Conditional Branching Example

flow:
  start_at: validate_input

  paths:
    # On successful validation, proceed to processing
    - from: validate_input
      to: process_data
      condition:
        type: output_equals
        field: success
        value: true

    # On validation failure, go to error handler
    - from: validate_input
      to: handle_error
      condition:
        type: output_equals
        field: success
        value: false

    # Success path continues to save
    - from: process_data
      to: save_result
      condition:
        type: always

    # Save completes the pipeline
    - from: save_result
      to: end_with_success
      condition:
        type: always

    # Error handler ends with failure
    - from: handle_error
      to: end_with_failure
      condition:
        type: always

Step 7: Complete Pipeline Example

Here is the complete working pipeline from the pipeline-test-app:

Project Structure

pipeline-test-app/
  app_manifest.yaml
  index.js
  pipelines/
    pipeline.yaml
  steps/
    __init__.py
    double_step.py
    save_step.py

Running the Pipeline

# Execute the pipeline with input data
fiber pipeline execute number-doubler-pipeline \
  --input '{"input_number": 5}' \
  --verbose
Executing pipeline: number-doubler-pipeline
Input: {"input_number": 5}

[Step 1] double_number: Double the Number
  Input: {"input_number": 5}
  Output: {"success": true, "input_number": 5, "doubled_number": 10}

[Step 2] save_result: Save Result to Database
  Input: {"success": true, "input_number": 5, "doubled_number": 10}
  Output: {"success": true, "result_id": "abc123...", "input_number": 5, "doubled_number": 10}

[SUCCESS] Pipeline completed successfully!
Final result:
{
  "success": true,
  "result_id": "abc123-def456-ghi789",
  "input_number": 5,
  "doubled_number": 10
}

Data Flow Visualization

Input: {"input_number": 5}
         |
         v
+-------------------+
| DoubleNumberStep  |
| - Validates input |
| - Doubles number  |
+-------------------+
         |
         | {"success": true, "input_number": 5, "doubled_number": 10}
         v
+-------------------+
| SaveResultStep    |
| - Gets fiber svc  |
| - Saves to DB     |
+-------------------+
         |
         | {"success": true, "result_id": "...", ...}
         v
   end_with_success

Step 8: Testing and Debugging

Logging Configuration

Use Python's logging module for debugging:

import logging

logger = logging.getLogger(__name__)

class MyStep(Step):
    async def run(self, data: dict) -> dict:
        logger.info(f"[MyStep] Starting with input data: {data}")

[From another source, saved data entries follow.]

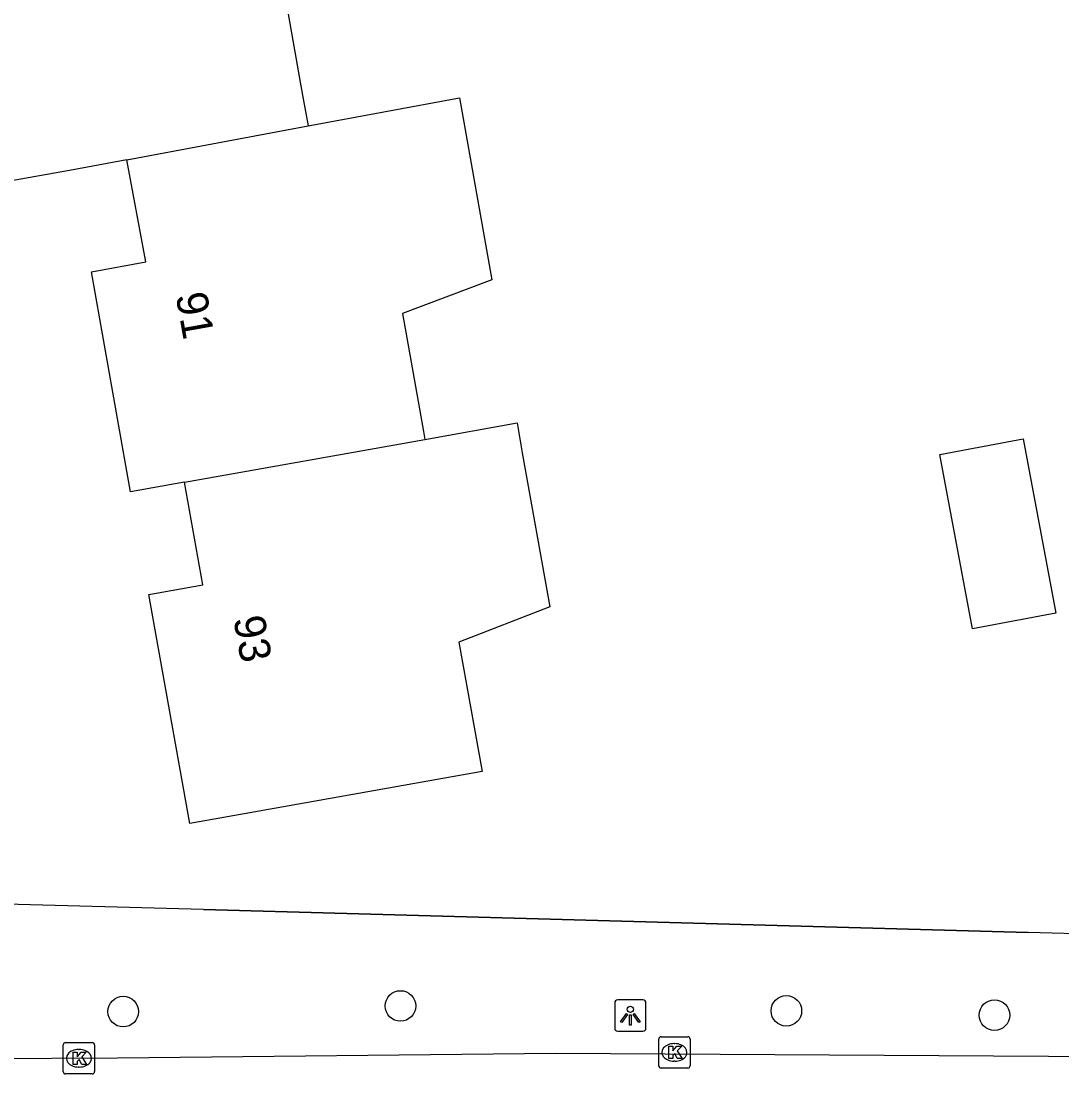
# Model space of a CAD drawing. Extents: x 157793 to 159380, y 380882 to 382313.
# Drawn here: x 158835.13 to 158868.41, y 381339.76 to 381373.42 of the extents above; entities that cross this region are included whole.
import ezdxf

# ---------------------------------------------------------------- set-up
doc = ezdxf.new("R2010")
doc.units = 0
for name, color, linetype in [('IMGEO_Boom', 7, 'Continuous'), ('IMGEO_Kolk', 7, 'Continuous'), ('IMGEO_Lichtpunt', 7, 'Continuous'), ('IMGEO_Muur', 7, 'Continuous'), ('IMGEO_Pand', 7, 'Continuous'), ('IMGEO_Pand_nummerreeks', 7, 'Continuous'), ('IMGEO_Rijbaan_lokaal_gesloten', 7, 'Continuous'), ('IMGEO_Voetpad_open', 7, 'Continuous')]:
    doc.layers.add(name, color=color, linetype=linetype)

msp = doc.modelspace()

# ---------------------------------------------------------------- linework, layer by layer
at = {"layer": 'IMGEO_Boom'}
for centre in [(158847.255, 381341.933), (158838.392, 381341.753), (158859.594, 381341.778), (158866.247, 381341.64)]:
    msp.add_circle(centre, 0.489, dxfattribs=at)
at = {"layer": 'IMGEO_Kolk'}
for p, q in [((158836.474, 381339.835), (158836.474, 381340.687)), ((158836.549, 381340.761), (158837.401, 381340.761)), ((158837.475, 381340.687), (158837.475, 381339.835)), ((158855.515, 381340.023), (158855.515, 381340.875)), ((158855.59, 381340.949), (158856.442, 381340.949)), ((158856.003, 381340.729), (158856.028, 381340.729)), ((158856.516, 381340.875), (158856.516, 381340.023)), ((158836.962, 381340.541), (158836.987, 381340.541)), ((158856.026, 381340.169), (158856.001, 381340.169)), ((158837.401, 381339.761), (158836.549, 381339.761)), ((158836.985, 381339.981), (158836.96, 381339.981)), ((158856.442, 381339.949), (158855.59, 381339.949))]:
    msp.add_line(p, q, dxfattribs=at)
for points in [[(158836.474, 381339.835), (158836.474, 381340.687)], [(158836.549, 381340.761), (158837.401, 381340.761)], [(158837.475, 381340.687), (158837.475, 381339.835)], [(158855.515, 381340.023), (158855.515, 381340.875)], [(158855.59, 381340.949), (158856.442, 381340.949)], [(158856.516, 381340.875), (158856.516, 381340.023)], [(158836.795, 381340.461), (158836.918, 381340.461), (158836.918, 381340.31), (158837.048, 381340.461), (158837.212, 381340.461), (158837.066, 381340.31), (158837.219, 381340.061), (158837.067, 381340.061), (158836.982, 381340.225), (158836.918, 381340.158), (158836.918, 381340.061), (158836.795, 381340.061), (158836.795, 381340.461)], [(158855.836, 381340.649), (158855.959, 381340.649), (158855.959, 381340.498), (158856.089, 381340.649), (158856.253, 381340.649), (158856.107, 381340.498), (158856.26, 381340.249), (158856.108, 381340.249), (158856.023, 381340.413), (158855.959, 381340.346), (158855.959, 381340.249), (158855.836, 381340.249), (158855.836, 381340.649)], [(158837.401, 381339.761), (158836.549, 381339.761)], [(158856.442, 381339.949), (158855.59, 381339.949)]]:
    msp.add_lwpolyline(points, dxfattribs=at)
for centre, start, end in [((158836.551, 381340.685), 91.552, 178.448), ((158836.551, 381340.685), 91.552, 178.448), ((158837.399, 381340.685), 1.552, 88.448), ((158837.399, 381340.685), 1.552, 88.448), ((158855.592, 381340.873), 91.552, 178.448), ((158855.592, 381340.873), 91.552, 178.448), ((158856.44, 381340.873), 1.552, 88.448), ((158856.44, 381340.873), 1.552, 88.448), ((158855.592, 381340.025), 181.552, 268.448), ((158855.592, 381340.025), 181.552, 268.448), ((158856.44, 381340.025), 271.552, 358.448), ((158856.44, 381340.025), 271.552, 358.448), ((158836.551, 381339.837), 181.552, 268.448), ((158836.551, 381339.837), 181.552, 268.448), ((158837.399, 381339.837), 271.552, 358.448), ((158837.399, 381339.837), 271.552, 358.448)]:
    msp.add_arc(centre, 0.0765, start, end, dxfattribs=at)
for centre, major_axis, ratio, start_param, end_param in [((158856.002, 381340.449), (-0.387, 0.002), 0.722429, 4.712389, 7.853982), ((158856.027, 381340.449), (-0.39, 0.002), 0.717154, 1.570796, 4.712389), ((158836.961, 381340.261), (-0.387, 0.002), 0.722429, 4.712389, 7.853982), ((158836.986, 381340.261), (-0.39, 0.002), 0.717154, 1.570796, 4.712389)]:
    msp.add_ellipse(centre, major_axis=major_axis, ratio=ratio, start_param=start_param, end_param=end_param, dxfattribs=at)
at = {"layer": 'IMGEO_Lichtpunt'}
for p, q in [((158854.107, 381342.03), (158854.107, 381341.223)), ((158854.107, 381342.03), (158854.107, 381341.223)), ((158855.009, 381342.125), (158854.201, 381342.125)), ((158855.009, 381342.125), (158854.201, 381342.125)), ((158855.103, 381341.223), (158855.103, 381342.03)), ((158855.103, 381341.223), (158855.103, 381342.03)), ((158854.201, 381341.129), (158855.009, 381341.129)), ((158854.201, 381341.129), (158855.009, 381341.129))]:
    msp.add_line(p, q, dxfattribs=at)
for points in [[(158854.481, 381341.694), (158854.52, 381341.666), (158854.332, 381341.404), (158854.294, 381341.431), (158854.481, 381341.694)], [(158854.693, 381341.666), (158854.731, 381341.693), (158854.918, 381341.431), (158854.879, 381341.403), (158854.693, 381341.666)], [(158854.583, 381341.646), (158854.63, 381341.646), (158854.63, 381341.324), (158854.583, 381341.324), (158854.583, 381341.646)]]:
    msp.add_lwpolyline(points, dxfattribs=at)
msp.add_circle((158854.606, 381341.828), 0.0994, dxfattribs=at)
for centre, start, end in [((158854.201, 381342.03), 90, 180), ((158854.201, 381342.03), 90, 180), ((158855.009, 381342.03), 0, 90), ((158855.009, 381342.03), 0, 90), ((158854.201, 381341.223), 180, 270), ((158854.201, 381341.223), 180, 270), ((158855.009, 381341.223), 270, 0), ((158855.009, 381341.223), 270, 360)]:
    msp.add_arc(centre, 0.0946, start, end, dxfattribs=at)
at = {"layer": 'IMGEO_Muur'}
msp.add_lwpolyline([(158840.955, 381345.014), (158867.323, 381344.281)], dxfattribs=at)
at = {"layer": 'IMGEO_Pand'}
for points in [[(158842.459, 381380.462), (158845.339, 381380.977), (158846.369, 381375.203), (158843.545, 381374.317), (158844.054, 381371.468), (158844.15, 381370.931), (158844.305, 381370.065)], [(158838.511, 381368.985), (158836.791, 381368.664), (158834.822, 381368.312), (158833.536, 381375.516), (158835.263, 381375.823), (158834.683, 381379.076)], [(158844.305, 381370.065), (158849.141, 381370.967), (158850.181, 381365.141), (158847.321, 381364.071), (158847.877, 381360.954), (158847.994, 381360.3), (158848.04, 381360.045)], [(158838.511, 381368.985), (158844.305, 381370.065)], [(158840.354, 381358.675), (158838.628, 381358.367), (158837.373, 381365.4), (158839.118, 381365.726), (158838.511, 381368.985)], [(158848.04, 381360.045), (158850.982, 381360.569), (158851.152, 381359.615), (158852.03, 381354.692), (158849.127, 381353.566), (158849.865, 381349.433), (158840.52, 381347.766), (158839.213, 381355.09), (158840.938, 381355.398), (158840.354, 381358.675)], [(158840.354, 381358.675), (158848.04, 381360.045)], [(158868.205, 381354.489), (158865.54, 381353.991), (158864.499, 381359.564), (158867.164, 381360.062), (158868.205, 381354.489)]]:
    msp.add_lwpolyline(points, dxfattribs=at)
at = {"layer": 'IMGEO_Rijbaan_lokaal_gesloten'}
msp.add_lwpolyline([(158833.991, 381340.258), (158838.213, 381340.276), (158852.225, 381340.427), (158871.473, 381340.309), (158876.252, 381340.306), (158881.989, 381340.303), (158886.628, 381340.28), (158890.259, 381340.284)], dxfattribs=at)
at = {"layer": 'IMGEO_Voetpad_open'}
msp.add_lwpolyline([(158892.553, 381343.76), (158891.802, 381343.675), (158890.262, 381343.64), (158867.323, 381344.281), (158840.955, 381345.014), (158834.234, 381345.202)], dxfattribs=at)

# ---------------------------------------------------------------- texts
at = {"layer": 'IMGEO_Pand_nummerreeks'}
for s, p in [('91', (158840.065, 381364.661)), ('93', (158841.909, 381354.323))]:
    msp.add_text(s, height=1, rotation=280.1182, dxfattribs=at).set_placement(p)

doc.saveas('drawing.dxf')

        # Log important values
        logger.info(f"[MyStep] Extracted value: {value}")

        # Log errors with stack traces
        logger.error(f"[MyStep] Operation failed: {str(e)}", exc_info=True)

        logger.info(f"[MyStep] Returning result: {result}")
        return result

Testing Steps Independently

# test_steps.py
import asyncio
from steps.double_step import DoubleNumberStep

async def test_double_step():
    step = DoubleNumberStep()

    # Test valid input
    result = await step.run({"input_number": 5})
    assert result["success"] == True
    assert result["doubled_number"] == 10

    # Test missing input
    result = await step.run({})
    assert result["success"] == False
    assert "error" in result

    # Test invalid input
    result = await step.run({"input_number": "not a number"})
    assert result["success"] == False

asyncio.run(test_double_step())

Viewing Pipeline Execution History

# List recent pipeline executions
fiber pipeline list-executions --pipeline number-doubler-pipeline

# View specific execution details
fiber pipeline show-execution <execution-id> --verbose

Next Steps

You have learned how to build data processing pipelines using the ia_modules execution engine. Here are some next steps to explore:

Summary

You have successfully learned how to:

  • Configure pipelines in app_manifest.yaml with the ia_modules execution engine
  • Define pipeline steps, flow, and error handling in YAML
  • Create custom Step classes that extend the base Step class
  • Access FiberApp services for database persistence
  • Implement proper error handling and retry policies
  • Define flow control and conditional routing between steps

You are now ready to build sophisticated data processing pipelines with Fiberwise!